**EXERCISE OBJECTIVE**
An exact repetition of the data is required; no picture should appear in it.

[Extracted records]
★ ★ ★ ★ ★ ★ ★

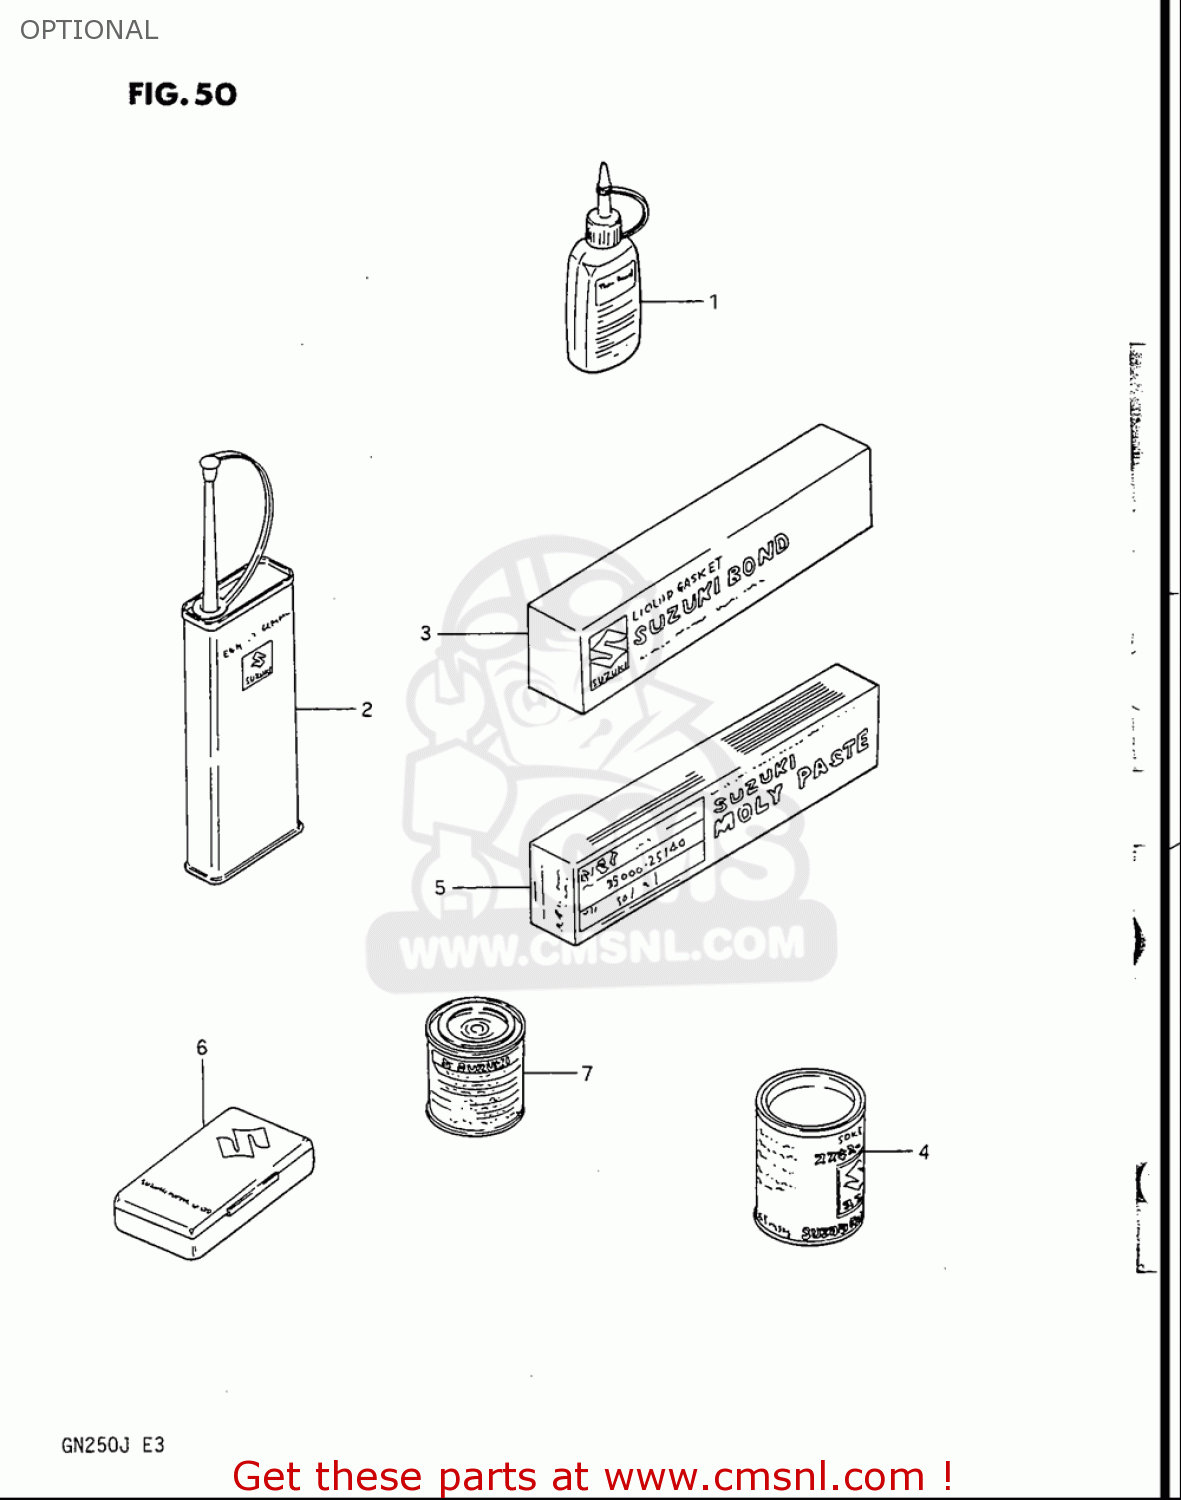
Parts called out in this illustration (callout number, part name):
1	THREAD LOCK NO.1342
2	THREAD LOCK NO.1401 CLEAR 200G
3	LIQUID GASKET 1
4	GREASE(C)EP2 LITHIUM 150G
5	SUZUKI MOLY PASTE

★ ★ ★ ★ ★ ★ ★

**FINISHED TASK**
Parts called out in this illustration (callout number, part name):
1	THREAD LOCK NO.1342
2	THREAD LOCK NO.1401 CLEAR 200G
3	LIQUID GASKET 1
4	GREASE(C)EP2 LITHIUM 150G
5	SUZUKI MOLY PASTE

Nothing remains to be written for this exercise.